Set down all of the records below exactly, please, omitting the images.

### Material provided

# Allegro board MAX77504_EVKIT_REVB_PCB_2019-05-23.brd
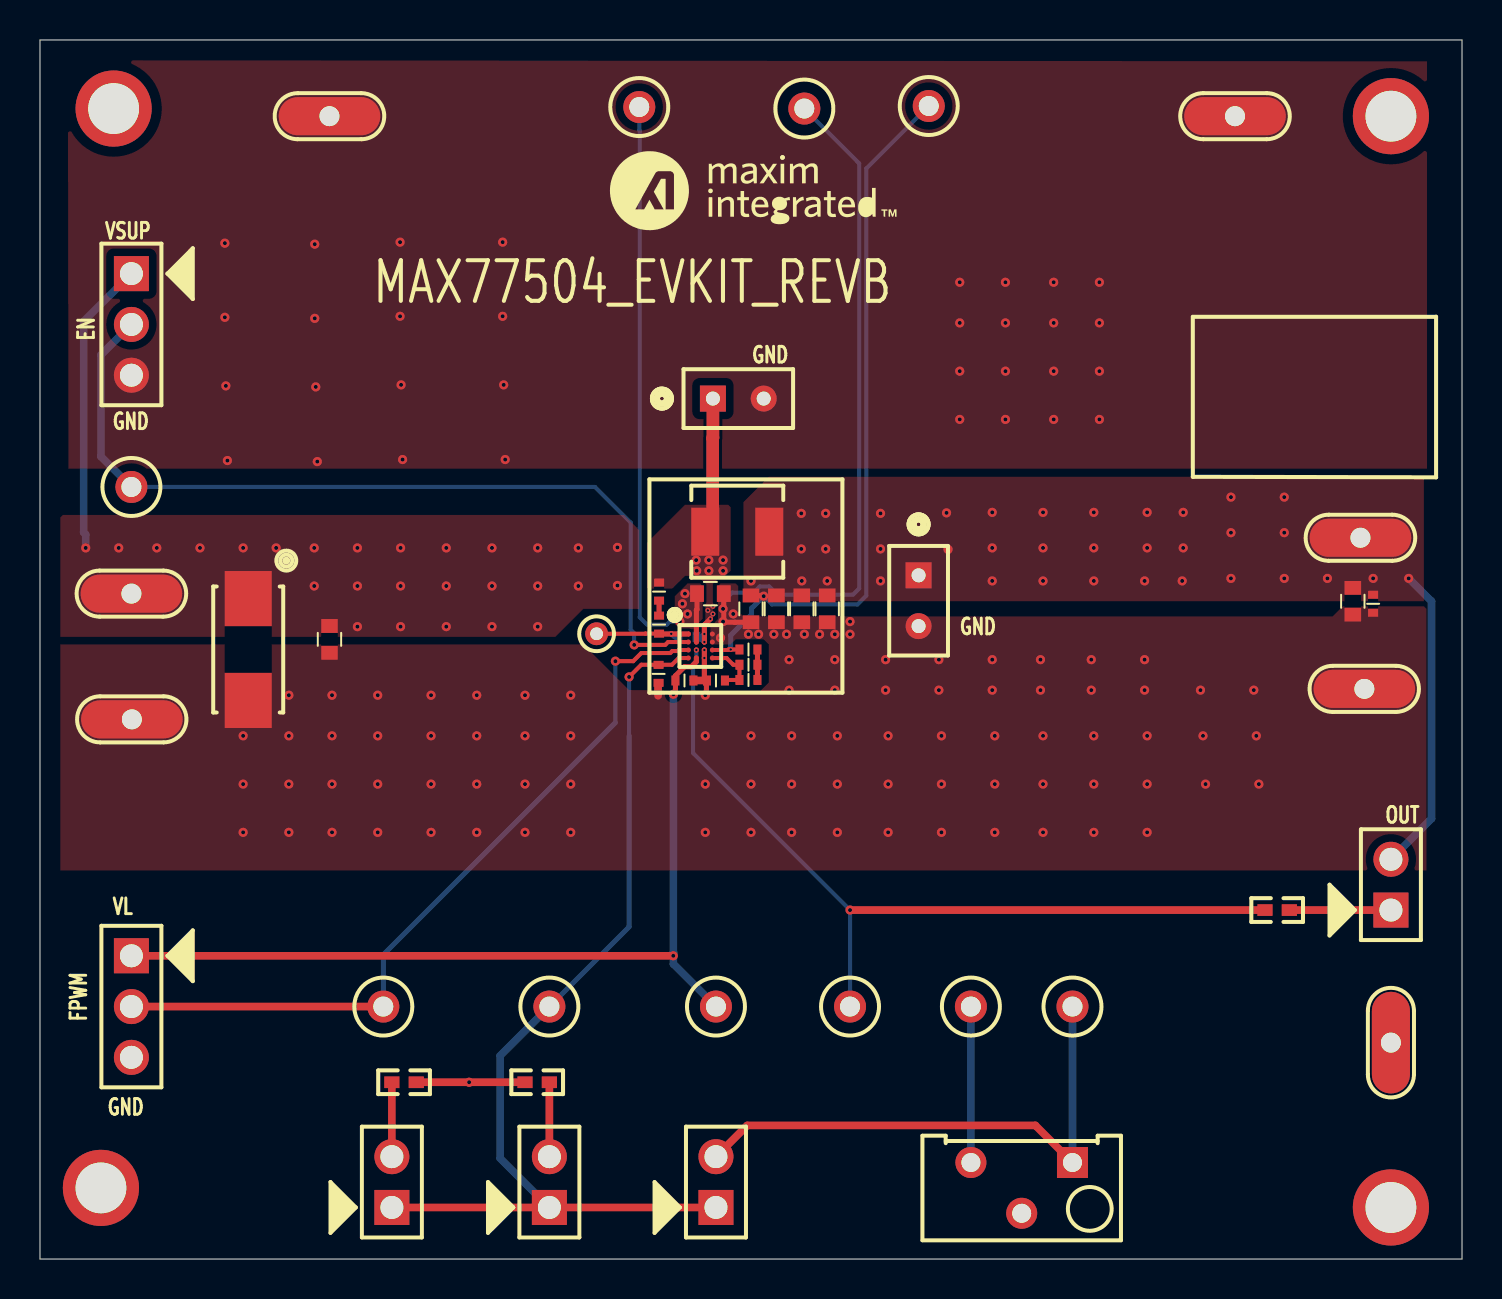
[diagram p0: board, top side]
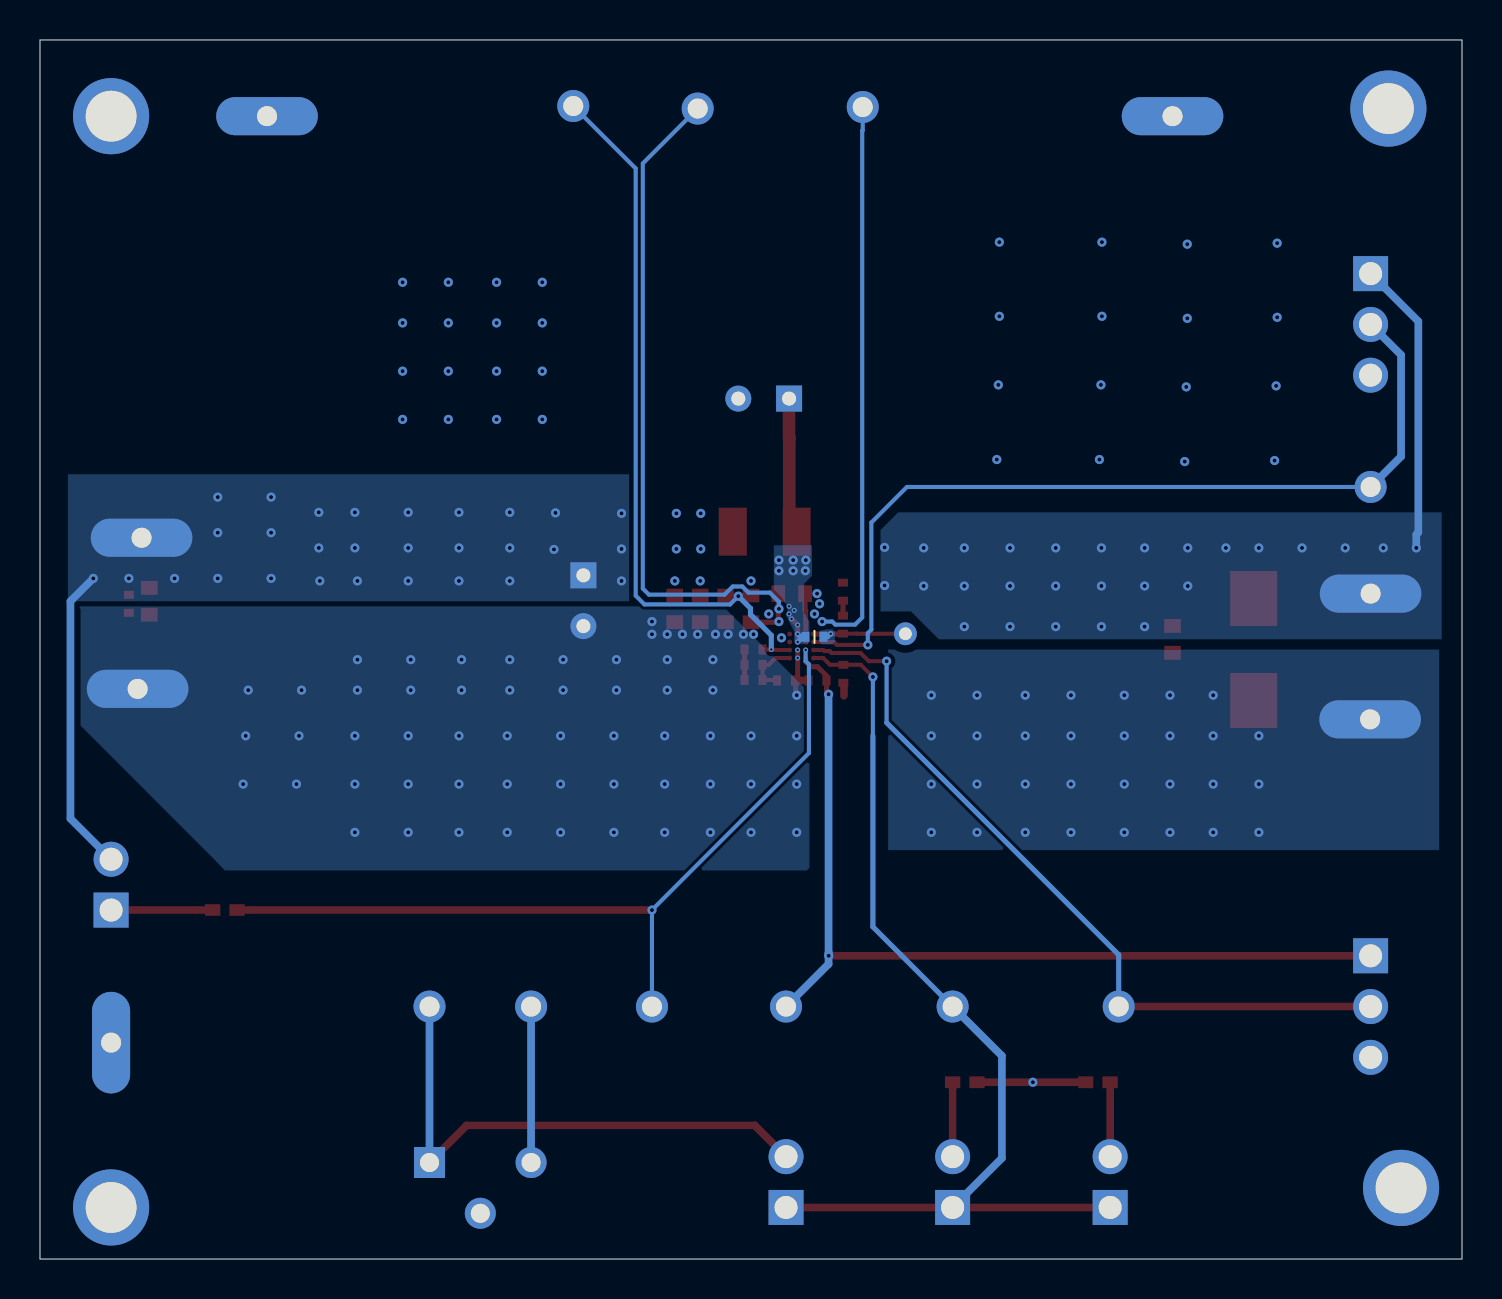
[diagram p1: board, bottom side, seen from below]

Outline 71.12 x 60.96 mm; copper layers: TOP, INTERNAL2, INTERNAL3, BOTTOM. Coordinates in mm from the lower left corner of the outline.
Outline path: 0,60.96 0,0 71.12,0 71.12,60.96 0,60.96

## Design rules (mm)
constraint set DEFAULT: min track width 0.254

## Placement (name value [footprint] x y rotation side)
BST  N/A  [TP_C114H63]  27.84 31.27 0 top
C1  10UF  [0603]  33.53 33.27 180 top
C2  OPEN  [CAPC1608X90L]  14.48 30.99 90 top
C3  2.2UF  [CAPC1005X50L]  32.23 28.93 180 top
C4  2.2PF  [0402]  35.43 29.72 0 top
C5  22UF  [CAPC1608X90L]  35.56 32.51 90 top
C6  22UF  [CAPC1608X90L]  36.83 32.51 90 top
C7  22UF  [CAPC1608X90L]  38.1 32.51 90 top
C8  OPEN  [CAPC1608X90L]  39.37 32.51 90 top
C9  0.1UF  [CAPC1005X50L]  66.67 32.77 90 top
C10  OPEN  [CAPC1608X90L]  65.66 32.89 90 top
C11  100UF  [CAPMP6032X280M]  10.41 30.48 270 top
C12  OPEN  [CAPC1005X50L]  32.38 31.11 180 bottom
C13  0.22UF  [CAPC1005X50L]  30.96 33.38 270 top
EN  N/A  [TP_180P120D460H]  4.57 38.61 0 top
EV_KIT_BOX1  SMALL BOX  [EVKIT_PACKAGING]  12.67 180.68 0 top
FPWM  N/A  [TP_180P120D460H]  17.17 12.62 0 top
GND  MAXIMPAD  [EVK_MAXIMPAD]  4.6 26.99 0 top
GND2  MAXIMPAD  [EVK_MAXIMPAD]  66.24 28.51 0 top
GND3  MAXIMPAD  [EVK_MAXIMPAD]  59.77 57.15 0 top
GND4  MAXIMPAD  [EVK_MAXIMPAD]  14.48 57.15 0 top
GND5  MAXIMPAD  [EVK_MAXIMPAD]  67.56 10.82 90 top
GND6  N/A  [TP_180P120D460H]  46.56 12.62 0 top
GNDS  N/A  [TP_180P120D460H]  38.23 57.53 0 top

######

Result:
# Allegro board MAX77504_EVKIT_REVB_PCB_2019-05-23.brd
[diagram p0: board, top side]
[diagram p1: board, bottom side, seen from below]

Outline 71.12 x 60.96 mm; copper layers: TOP, INTERNAL2, INTERNAL3, BOTTOM. Coordinates in mm from the lower left corner of the outline.
Outline path: 0,60.96 0,0 71.12,0 71.12,60.96 0,60.96

## Design rules (mm)
constraint set DEFAULT: min track width 0.254

## Placement (name value [footprint] x y rotation side)
BST  N/A  [TP_C114H63]  27.84 31.27 0 top
C1  10UF  [0603]  33.53 33.27 180 top
C2  OPEN  [CAPC1608X90L]  14.48 30.99 90 top
C3  2.2UF  [CAPC1005X50L]  32.23 28.93 180 top
C4  2.2PF  [0402]  35.43 29.72 0 top
C5  22UF  [CAPC1608X90L]  35.56 32.51 90 top
C6  22UF  [CAPC1608X90L]  36.83 32.51 90 top
C7  22UF  [CAPC1608X90L]  38.1 32.51 90 top
C8  OPEN  [CAPC1608X90L]  39.37 32.51 90 top
C9  0.1UF  [CAPC1005X50L]  66.67 32.77 90 top
C10  OPEN  [CAPC1608X90L]  65.66 32.89 90 top
C11  100UF  [CAPMP6032X280M]  10.41 30.48 270 top
C12  OPEN  [CAPC1005X50L]  32.38 31.11 180 bottom
C13  0.22UF  [CAPC1005X50L]  30.96 33.38 270 top
EN  N/A  [TP_180P120D460H]  4.57 38.61 0 top
EV_KIT_BOX1  SMALL BOX  [EVKIT_PACKAGING]  12.67 180.68 0 top
FPWM  N/A  [TP_180P120D460H]  17.17 12.62 0 top
GND  MAXIMPAD  [EVK_MAXIMPAD]  4.6 26.99 0 top
GND2  MAXIMPAD  [EVK_MAXIMPAD]  66.24 28.51 0 top
GND3  MAXIMPAD  [EVK_MAXIMPAD]  59.77 57.15 0 top
GND4  MAXIMPAD  [EVK_MAXIMPAD]  14.48 57.15 0 top
GND5  MAXIMPAD  [EVK_MAXIMPAD]  67.56 10.82 90 top
GND6  N/A  [TP_180P120D460H]  46.56 12.62 0 top
GNDS  N/A  [TP_180P120D460H]  38.23 57.53 0 top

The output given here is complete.